HA! Yeh...right! I could put the card next to the ones from my pet dolphin and whale...they escaped from the pond years ago!!  

I need to grind the iron...the bevel is distinctly convex and honing will eventually be a problem....






From the side you can clearly see the convex nature of the existing bevel....






I'm being a chicken really as I am perfectly capable of grinding a convex bevel on my Creusen and have done many irons in the past...it's just the thought of a real Norris iron and screwing it up that is worrying me!


  

Should I go for the 25/30 standard formula do you think?

Jim


----------



## GazPal (3 Nov 2010)

I'd test drive 25/30 and see how she handles. The blade should be perfectly fine as long as it's kept cool when ground and Norris blades do take a good edge. :wink: 

Flipper and Cuddles are right here in my pond, so the plane wouldn't feel at all out of place. :lol: Just be sure to send a crate of Sardine for the mammals and all should be well til Christmas card time. :lol:


----------



## jimi43 (3 Nov 2010)

Hi Gary

I want to make sure that I don't get it rusty so will pass on Flipper and Cuddles being the guardians for now! :wink: 8) 

Anyway.......

I think I should be less nervous but its like walking a line. On the ground it's easy but up high you are likely to fall off! But I did it...phew!






I think I need more hairs on my arm now!

Off to try some proper target!

Later mate....

Jim


----------



## jimi43 (3 Nov 2010)

Well that worked alright....lots of tests...jarrah, cherry, american walnut and beech and they all shave beautifully...






I am not surprised however that soon after this was made they brought out the Norris adjuster...it's a blinkin' nightmare to adjust...but I got there...






That's enough for the day!

Jim


----------



## GazPal (4 Nov 2010)

Flipper and Cuddles will be disappointed, but we're taking them to the lagoon today, so they should cheer up no end. :lol: 

Now there are two things I'm envious of.

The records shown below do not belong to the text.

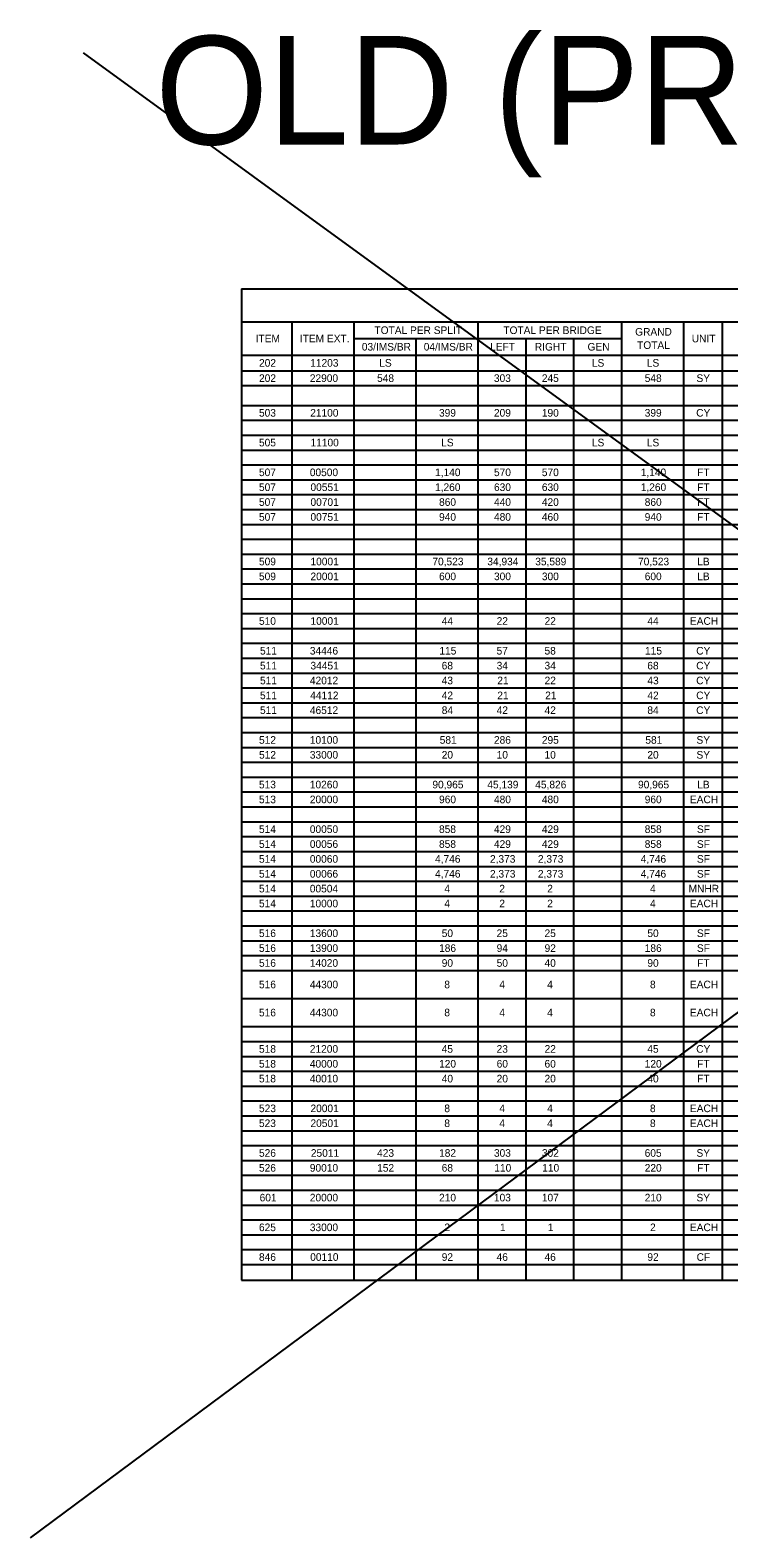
# Model space of a CAD drawing. Extents: x -62.6 to 33.3, y -2.9 to 24.9.
# Drawn here: x -62.61 to -49.74, y -2.88 to 24.89 of the extents above; entities that cross this region are included whole.
import ezdxf

# ---------------------------------------------------------------- set-up
doc = ezdxf.new("R2010")
doc.units = 0
doc.layers.add('Default', color=7, linetype='Continuous')
doc.layers.add('SH_Major_Grid_Line', color=7, linetype='Continuous')

msp = doc.modelspace()

# ---------------------------------------------------------------- linework, layer by layer
at = {"layer": 'Default'}
for p, q in [((-58.718, 20.126), (-29.957, 20.126)), ((-58.718, 20.126), (-58.718, 1.866)), ((-58.718, 19.518), (-29.957, 19.518)), ((-57.79, 19.518), (-57.79, 1.866)), ((-56.649, 19.518), (-56.649, 1.866)), ((-54.366, 19.518), (-54.366, 1.866)), ((-51.718, 19.518), (-51.718, 1.866)), ((-50.577, 19.518), (-50.577, 1.866)), ((-49.862, 19.518), (-49.862, 1.866)), ((-56.649, 19.213), (-51.718, 19.213)), ((-55.507, 19.213), (-55.507, 1.866)), ((-53.483, 19.213), (-53.483, 1.866)), ((-52.601, 19.213), (-52.601, 1.866)), ((-58.718, 18.909), (-29.957, 18.909)), ((-58.718, 18.62), (-29.957, 18.62)), ((-58.718, 18.346), (-29.957, 18.346)), ((-58.718, 17.981), (-29.957, 17.981)), ((-58.718, 17.707), (-29.957, 17.707)), ((-58.718, 17.433), (-29.957, 17.433)), ((-58.718, 17.159), (-29.957, 17.159)), ((-58.718, 16.885), (-29.957, 16.885)), ((-58.718, 16.611), (-29.957, 16.611)), ((-58.718, 16.337), (-29.957, 16.337)), ((-58.718, 16.063), (-29.957, 16.063)), ((-58.718, 15.789), (-29.957, 15.789)), ((-58.718, 15.516), (-29.957, 15.516)), ((-58.718, 15.242), (-29.957, 15.242)), ((-58.718, 14.968), (-29.957, 14.968)), ((-58.718, 14.694), (-29.957, 14.694)), ((-58.718, 14.42), (-29.957, 14.42)), ((-58.718, 14.146), (-29.957, 14.146)), ((-58.718, 13.872), (-29.957, 13.872)), ((-58.718, 13.598), (-29.957, 13.598)), ((-58.718, 13.324), (-29.957, 13.324)), ((-58.718, 13.05), (-29.957, 13.05)), ((-58.718, 12.776), (-29.957, 12.776)), ((-58.718, 12.502), (-29.957, 12.502)), ((-58.718, 12.229), (-29.957, 12.229)), ((-58.718, 11.955), (-29.957, 11.955)), ((-58.718, 11.681), (-29.957, 11.681)), ((-58.718, 11.407), (-29.957, 11.407)), ((-58.718, 11.133), (-29.957, 11.133)), ((-58.718, 10.859), (-29.957, 10.859)), ((-58.718, 10.585), (-29.957, 10.585)), ((-58.718, 10.311), (-29.957, 10.311)), ((-58.718, 10.037), (-29.957, 10.037)), ((-58.718, 9.763), (-29.957, 9.763)), ((-58.718, 9.489), (-29.957, 9.489)), ((-58.718, 9.216), (-29.957, 9.216)), ((-58.718, 8.942), (-29.957, 8.942)), ((-58.718, 8.668), (-29.957, 8.668)), ((-58.718, 8.394), (-29.957, 8.394)), ((-58.718, 8.12), (-29.957, 8.12)), ((-58.718, 7.846), (-29.957, 7.846)), ((-58.718, 7.572), (-29.957, 7.572)), ((-58.718, 7.055), (-29.957, 7.055)), ((-58.718, 6.537), (-29.957, 6.537)), ((-58.718, 6.263), (-29.957, 6.263)), ((-58.718, 5.989), (-29.957, 5.989)), ((-58.718, 5.716), (-29.957, 5.716)), ((-58.718, 5.442), (-29.957, 5.442)), ((-58.718, 5.168), (-29.957, 5.168)), ((-58.718, 4.894), (-29.957, 4.894)), ((-58.718, 4.62), (-29.957, 4.62)), ((-58.718, 4.346), (-29.957, 4.346)), ((-58.718, 4.072), (-29.957, 4.072)), ((-58.718, 3.798), (-29.957, 3.798)), ((-58.718, 3.524), (-29.957, 3.524)), ((-58.718, 3.25), (-29.957, 3.25)), ((-58.718, 2.976), (-29.957, 2.976)), ((-58.718, 2.702), (-29.957, 2.702)), ((-58.718, 2.429), (-29.957, 2.429)), ((-58.718, 2.155), (-29.957, 2.155)), ((-58.718, 1.866), (-29.957, 1.866))]:
    msp.add_line(p, q, dxfattribs=at)
at = {"layer": 'SH_Major_Grid_Line'}
for p, q in [((-25.522, 24.668), (-62.613, -2.881)), ((-61.637, 24.473), (-25.913, -1.513))]:
    msp.add_line(p, q, dxfattribs=at)

# ---------------------------------------------------------------- texts
for s, height, p in [('OLD (PRIOR TO 9-28-22)', 2, (-60.308, 22.787)), ('ITEM', 0.14, (-58.458, 19.143)), ('ITEM EXT.', 0.14, (-57.644, 19.143)), ('TOTAL PER SPLIT', 0.14, (-56.269, 19.296)), ('TOTAL PER BRIDGE', 0.14, (-53.894, 19.296)), ('GRAND ', 0.14, (-51.466, 19.266)), ('UNIT', 0.14, (-50.423, 19.143)), ('03/IMS/BR', 0.14, (-56.502, 18.991)), ('04/IMS/BR', 0.14, (-55.361, 18.991)), ('LEFT', 0.14, (-54.138, 18.991)), ('RIGHT', 0.14, (-53.314, 18.991)), ('GEN', 0.14, (-52.343, 18.991)), ('TOTAL', 0.14, (-51.43, 19.021)), ('202', 0.14, (-58.396, 18.694)), ('11203', 0.14, (-57.453, 18.694)), ('LS', 0.14, (-56.181, 18.694)), ('LS', 0.14, (-52.263, 18.694)), ('LS', 0.14, (-51.251, 18.694)), ('202', 0.14, (-58.396, 18.413)), ('22900', 0.14, (-57.46, 18.413)), ('548', 0.14, (-56.221, 18.413)), ('303', 0.14, (-54.068, 18.413)), ('245', 0.14, (-53.185, 18.413)), ('548', 0.14, (-51.29, 18.413)), ('SY', 0.14, (-50.336, 18.413)), ('503', 0.14, (-58.397, 17.774)), ('21100', 0.14, (-57.453, 17.774)), ('399', 0.14, (-55.08, 17.774)), ('209', 0.14, (-54.068, 17.774)), ('190', 0.14, (-53.185, 17.774)), ('399', 0.14, (-51.29, 17.774)), ('CY', 0.14, (-50.341, 17.774)), ('505', 0.14, (-58.397, 17.226)), ('11100', 0.14, (-57.447, 17.226)), ('LS', 0.14, (-55.04, 17.226)), ('LS', 0.14, (-52.263, 17.226)), ('LS', 0.14, (-51.251, 17.226)), ('507', 0.14, (-58.397, 16.678)), ('00500', 0.14, (-57.46, 16.678)), ('1,140', 0.14, (-55.153, 16.678)), ('570', 0.14, (-54.067, 16.678)), ('570', 0.14, (-53.185, 16.678)), ('1,140', 0.14, (-51.363, 16.678)), ('FT', 0.14, (-50.325, 16.678)), ('507', 0.14, (-58.397, 16.404)), ('00551', 0.14, (-57.448, 16.404)), ('1,260', 0.14, (-55.153, 16.404)), ('630', 0.14, (-54.067, 16.404)), ('630', 0.14, (-53.185, 16.404)), ('1,260', 0.14, (-51.363, 16.404)), ('FT', 0.14, (-50.325, 16.404)), ('507', 0.14, (-58.397, 16.13)), ('00701', 0.14, (-57.448, 16.13)), ('860', 0.14, (-55.079, 16.13)), ('440', 0.14, (-54.067, 16.13)), ('420', 0.14, (-53.185, 16.13)), ('860', 0.14, (-51.29, 16.13)), ('FT', 0.14, (-50.325, 16.13)), ('507', 0.14, (-58.397, 15.856)), ('00751', 0.14, (-57.448, 15.856)), ('940', 0.14, (-55.079, 15.856)), ('480', 0.14, (-54.067, 15.856)), ('460', 0.14, (-53.185, 15.856)), ('940', 0.14, (-51.29, 15.856)), ('FT', 0.14, (-50.325, 15.856)), ('509', 0.14, (-58.397, 15.035)), ('10001', 0.14, (-57.448, 15.035)), ('70,523', 0.14, (-55.202, 15.035)), ('34,934', 0.14, (-54.19, 15.035)), ('35,589', 0.14, (-53.307, 15.035)), ('70,523', 0.14, (-51.413, 15.035)), ('LB', 0.14, (-50.322, 15.035)), ('509', 0.14, (-58.397, 14.761)), ('20001', 0.14, (-57.448, 14.761)), ('600', 0.14, (-55.079, 14.761)), ('300', 0.14, (-54.067, 14.761)), ('300', 0.14, (-53.185, 14.761)), ('600', 0.14, (-51.29, 14.761)), ('LB', 0.14, (-50.322, 14.761)), ('510', 0.14, (-58.397, 13.939)), ('10001', 0.14, (-57.448, 13.939)), ('44', 0.14, (-55.03, 13.939)), ('22', 0.14, (-54.018, 13.939)), ('22', 0.14, (-53.135, 13.939)), ('44', 0.14, (-51.241, 13.939)), ('EACH', 0.14, (-50.457, 13.939)), ('511', 0.14, (-58.378, 13.391)), ('34446', 0.14, (-57.46, 13.391)), ('115', 0.14, (-55.073, 13.391)), ('57', 0.14, (-54.019, 13.391)), ('58', 0.14, (-53.136, 13.391)), ('115', 0.14, (-51.284, 13.391)), ('CY', 0.14, (-50.341, 13.391)), ('511', 0.14, (-58.378, 13.117)), ('34451', 0.14, (-57.448, 13.117)), ('68', 0.14, (-55.031, 13.117)), ('34', 0.14, (-54.018, 13.117)), ('34', 0.14, (-53.136, 13.117)), ('68', 0.14, (-51.242, 13.117)), ('CY', 0.14, (-50.341, 13.117)), ('511', 0.14, (-58.378, 12.843)), ('42012', 0.14, (-57.459, 12.843)), ('43', 0.14, (-55.031, 12.843)), ('21', 0.14, (-54.006, 12.843)), ('22', 0.14, (-53.135, 12.843)), ('43', 0.14, (-51.241, 12.843)), ('CY', 0.14, (-50.341, 12.843)), ('511', 0.14, (-58.378, 12.569)), ('44112', 0.14, (-57.453, 12.569)), ('42', 0.14, (-55.03, 12.569)), ('21', 0.14, (-54.006, 12.569)), ('21', 0.14, (-53.124, 12.569)), ('42', 0.14, (-51.241, 12.569)), ('CY', 0.14, (-50.341, 12.569)), ('511', 0.14, (-58.378, 12.296)), ('46512', 0.14, (-57.459, 12.296)), ('84', 0.14, (-55.03, 12.296)), ('42', 0.14, (-54.018, 12.296)), ('42', 0.14, (-53.135, 12.296)), ('84', 0.14, (-51.241, 12.296)), ('CY', 0.14, (-50.341, 12.296)), ('512', 0.14, (-58.396, 11.748)), ('10100', 0.14, (-57.46, 11.748)), ('581', 0.14, (-55.067, 11.748)), ('286', 0.14, (-54.068, 11.748)), ('295', 0.14, (-53.185, 11.748)), ('581', 0.14, (-51.278, 11.748)), ('SY', 0.14, (-50.336, 11.748)), ('512', 0.14, (-58.396, 11.474)), ('33000', 0.14, (-57.46, 11.474)), ('20', 0.14, (-55.03, 11.474)), ('10', 0.14, (-54.018, 11.474)), ('10', 0.14, (-53.136, 11.474)), ('20', 0.14, (-51.241, 11.474)), ('SY', 0.14, (-50.336, 11.474)), ('513', 0.14, (-58.397, 10.926)), ('10260', 0.14, (-57.46, 10.926)), ('90,965', 0.14, (-55.202, 10.926)), ('45,139', 0.14, (-54.19, 10.926)), ('45,826', 0.14, (-53.307, 10.926)), ('90,965', 0.14, (-51.413, 10.926)), ('LB', 0.14, (-50.322, 10.926)), ('513', 0.14, (-58.397, 10.652)), ('20000', 0.14, (-57.46, 10.652)), ('960', 0.14, (-55.079, 10.652)), ('480', 0.14, (-54.067, 10.652)), ('480', 0.14, (-53.185, 10.652)), ('960', 0.14, (-51.29, 10.652)), ('EACH', 0.14, (-50.457, 10.652)), ('514', 0.14, (-58.397, 10.104)), ('00050', 0.14, (-57.46, 10.104)), ('858', 0.14, (-55.08, 10.104)), ('429', 0.14, (-54.068, 10.104)), ('429', 0.14, (-53.185, 10.104)), ('858', 0.14, (-51.29, 10.104)), ('SF', 0.14, (-50.328, 10.104)), ('514', 0.14, (-58.397, 9.83)), ('00056', 0.14, (-57.46, 9.83)), ('858', 0.14, (-55.08, 9.83)), ('429', 0.14, (-54.068, 9.83)), ('429', 0.14, (-53.185, 9.83)), ('858', 0.14, (-51.29, 9.83)), ('SF', 0.14, (-50.328, 9.83)), ('514', 0.14, (-58.397, 9.556)), ('00060', 0.14, (-57.46, 9.556)), ('4,746', 0.14, (-55.153, 9.556)), ('2,373', 0.14, (-54.141, 9.556)), ('2,373', 0.14, (-53.258, 9.556)), ('4,746', 0.14, (-51.364, 9.556)), ('SF', 0.14, (-50.328, 9.556)), ('514', 0.14, (-58.397, 9.282)), ('00066', 0.14, (-57.46, 9.282)), ('4,746', 0.14, (-55.153, 9.282)), ('2,373', 0.14, (-54.141, 9.282)), ('2,373', 0.14, (-53.258, 9.282)), ('4,746', 0.14, (-51.364, 9.282)), ('SF', 0.14, (-50.328, 9.282)), ('514', 0.14, (-58.397, 9.009)), ('00504', 0.14, (-57.46, 9.009)), ('4', 0.14, (-54.981, 9.009)), ('2', 0.14, (-53.969, 9.009)), ('2', 0.14, (-53.086, 9.009)), ('4', 0.14, (-51.192, 9.009)), ('MNHR', 0.14, (-50.482, 9.009)), ('514', 0.14, (-58.397, 8.735)), ('10000', 0.14, (-57.46, 8.735)), ('4', 0.14, (-54.981, 8.735)), ('2', 0.14, (-53.969, 8.735)), ('2', 0.14, (-53.086, 8.735)), ('4', 0.14, (-51.192, 8.735)), ('EACH', 0.14, (-50.457, 8.735)), ('516', 0.14, (-58.397, 8.187)), ('516', 0.14, (-58.397, 7.913)), ('13600', 0.14, (-57.46, 8.187)), ('13900', 0.14, (-57.46, 7.913)), ('186', 0.14, (-55.079, 7.913)), ('50', 0.14, (-55.03, 8.187)), ('25', 0.14, (-54.019, 8.187)), ('94', 0.14, (-54.018, 7.913)), ('25', 0.14, (-53.136, 8.187)), ('92', 0.14, (-53.135, 7.913)), ('186', 0.14, (-51.29, 7.913)), ('50', 0.14, (-51.241, 8.187)), ('SF', 0.14, (-50.328, 8.187)), ('SF', 0.14, (-50.328, 7.913)), ('516', 0.14, (-58.397, 7.639)), ('14020', 0.14, (-57.46, 7.639)), ('90', 0.14, (-55.03, 7.639)), ('50', 0.14, (-54.018, 7.639)), ('40', 0.14, (-53.136, 7.639)), ('90', 0.14, (-51.241, 7.639)), ('FT', 0.14, (-50.325, 7.639)), ('516', 0.14, (-58.397, 7.243)), ('44300', 0.14, (-57.46, 7.243)), ('8', 0.14, (-54.982, 7.243)), ('4', 0.14, (-53.969, 7.243)), ('4', 0.14, (-53.087, 7.243)), ('8', 0.14, (-51.193, 7.243)), ('EACH', 0.14, (-50.457, 7.243)), ('516', 0.14, (-58.397, 6.726)), ('44300', 0.14, (-57.46, 6.726)), ('8', 0.14, (-54.982, 6.726)), ('4', 0.14, (-53.969, 6.726)), ('4', 0.14, (-53.087, 6.726)), ('8', 0.14, (-51.193, 6.726)), ('EACH', 0.14, (-50.457, 6.726)), ('518', 0.14, (-58.397, 6.056)), ('21200', 0.14, (-57.46, 6.056)), ('45', 0.14, (-55.031, 6.056)), ('23', 0.14, (-54.019, 6.056)), ('22', 0.14, (-53.135, 6.056)), ('45', 0.14, (-51.242, 6.056)), ('CY', 0.14, (-50.341, 6.056)), ('518', 0.14, (-58.397, 5.782)), ('40000', 0.14, (-57.46, 5.782)), ('120', 0.14, (-55.079, 5.782)), ('60', 0.14, (-54.018, 5.782)), ('60', 0.14, (-53.136, 5.782)), ('120', 0.14, (-51.29, 5.782)), ('FT', 0.14, (-50.325, 5.782)), ('518', 0.14, (-58.397, 5.509)), ('40010', 0.14, (-57.46, 5.509)), ('40', 0.14, (-55.03, 5.509)), ('20', 0.14, (-54.018, 5.509)), ('20', 0.14, (-53.136, 5.509)), ('40', 0.14, (-51.241, 5.509)), ('FT', 0.14, (-50.325, 5.509)), ('523', 0.14, (-58.397, 4.961)), ('20001', 0.14, (-57.448, 4.961)), ('8', 0.14, (-54.982, 4.961)), ('4', 0.14, (-53.969, 4.961)), ('4', 0.14, (-53.087, 4.961)), ('8', 0.14, (-51.193, 4.961)), ('EACH', 0.14, (-50.457, 4.961)), ('523', 0.14, (-58.397, 4.687)), ('20501', 0.14, (-57.448, 4.687)), ('8', 0.14, (-54.982, 4.687)), ('4', 0.14, (-53.969, 4.687)), ('4', 0.14, (-53.087, 4.687)), ('8', 0.14, (-51.193, 4.687)), ('EACH', 0.14, (-50.457, 4.687)), ('526', 0.14, (-58.397, 4.139)), ('25011', 0.14, (-57.441, 4.139)), ('423', 0.14, (-56.221, 4.139)), ('182', 0.14, (-55.079, 4.139)), ('303', 0.14, (-54.068, 4.139)), ('302', 0.14, (-53.184, 4.139)), ('605', 0.14, (-51.291, 4.139)), ('SY', 0.14, (-50.336, 4.139)), ('526', 0.14, (-58.397, 3.865)), ('90010', 0.14, (-57.46, 3.865)), ('152', 0.14, (-56.22, 3.865)), ('68', 0.14, (-55.031, 3.865)), ('110', 0.14, (-54.061, 3.865)), ('110', 0.14, (-53.178, 3.865)), ('220', 0.14, (-51.29, 3.865)), ('FT', 0.14, (-50.325, 3.865)), ('601', 0.14, (-58.385, 3.317)), ('20000', 0.14, (-57.46, 3.317)), ('210', 0.14, (-55.079, 3.317)), ('103', 0.14, (-54.068, 3.317)), ('107', 0.14, (-53.185, 3.317)), ('210', 0.14, (-51.29, 3.317)), ('SY', 0.14, (-50.336, 3.317)), ('625', 0.14, (-58.397, 2.769)), ('33000', 0.14, (-57.46, 2.769)), ('2', 0.14, (-54.981, 2.769)), ('1', 0.14, (-53.957, 2.769)), ('1', 0.14, (-53.075, 2.769)), ('2', 0.14, (-51.192, 2.769)), ('EACH', 0.14, (-50.457, 2.769)), ('846', 0.14, (-58.397, 2.222)), ('00110', 0.14, (-57.453, 2.222)), ('92', 0.14, (-55.03, 2.222)), ('46', 0.14, (-54.019, 2.222)), ('46', 0.14, (-53.136, 2.222)), ('92', 0.14, (-51.241, 2.222)), ('CF', 0.14, (-50.333, 2.222))]:
    msp.add_text(s, height=height, dxfattribs=at).set_placement(p)

doc.saveas('drawing.dxf')

Your newly found Tyzack AND the quality of your photography. Give me a good quality camera and I'm lost and still producing pictures that resemble the works of L.S. Lowry. 

Great sharpening results Jim. :wink: Adjustment-wise, without adjusters they can be a bit of a bear at times until you've gotten into the swing of things, but have you tried the paper trick by placing a suitably thin sheet of paper on the bench beneath the mouth of the plane as you allow the blade to make contact with the bench during adjustment?


----------



## bugbear (4 Nov 2010)

jimi43":19cmrliy said:


> I need to grind the iron...the bevel is distinctly convex and honing will eventually be a problem....









NNNNNOOOOOoooooo !

BugBear


----------



## jimi43 (4 Nov 2010)

bugbear":13b5ryqw said:


> jimi43":13b5ryqw said:
> 
> 
> > I need to grind the iron...the bevel is distinctly convex and honing will eventually be a problem....
> ...



:?:


----------



## toolsntat (9 Nov 2010)

jimi43":3dt5bmzo said:


> I am not surprised however that soon after this was made they brought out the Norris adjuster...it's a blinkin' nightmare to adjust...but I got there...Jim



Looking good Jim but as for the adjuster as far as the ones I have its far easier to tap adjust :shock: 
Reason being you need to slack off the lever to adjust efficiently and then when tightened up enough to stop blade movement it tends to give a bit more bite :roll: It does work but takes time to get it right  

Andy


----------



## jimi43 (9 Nov 2010)

toolsntat":3ghwt6hf said:


> jimi43":3ghwt6hf said:
> 
> 
> > I am not surprised however that soon after this was made they brought out the Norris adjuster...it's a blinkin' nightmare to adjust...but I got there...Jim
> ...



I think I have the hang of it now Andy...this lever cap tightens far more efficiently than the other lever cap infills that I have. I found by backing it off a tad the knock technique worked fine...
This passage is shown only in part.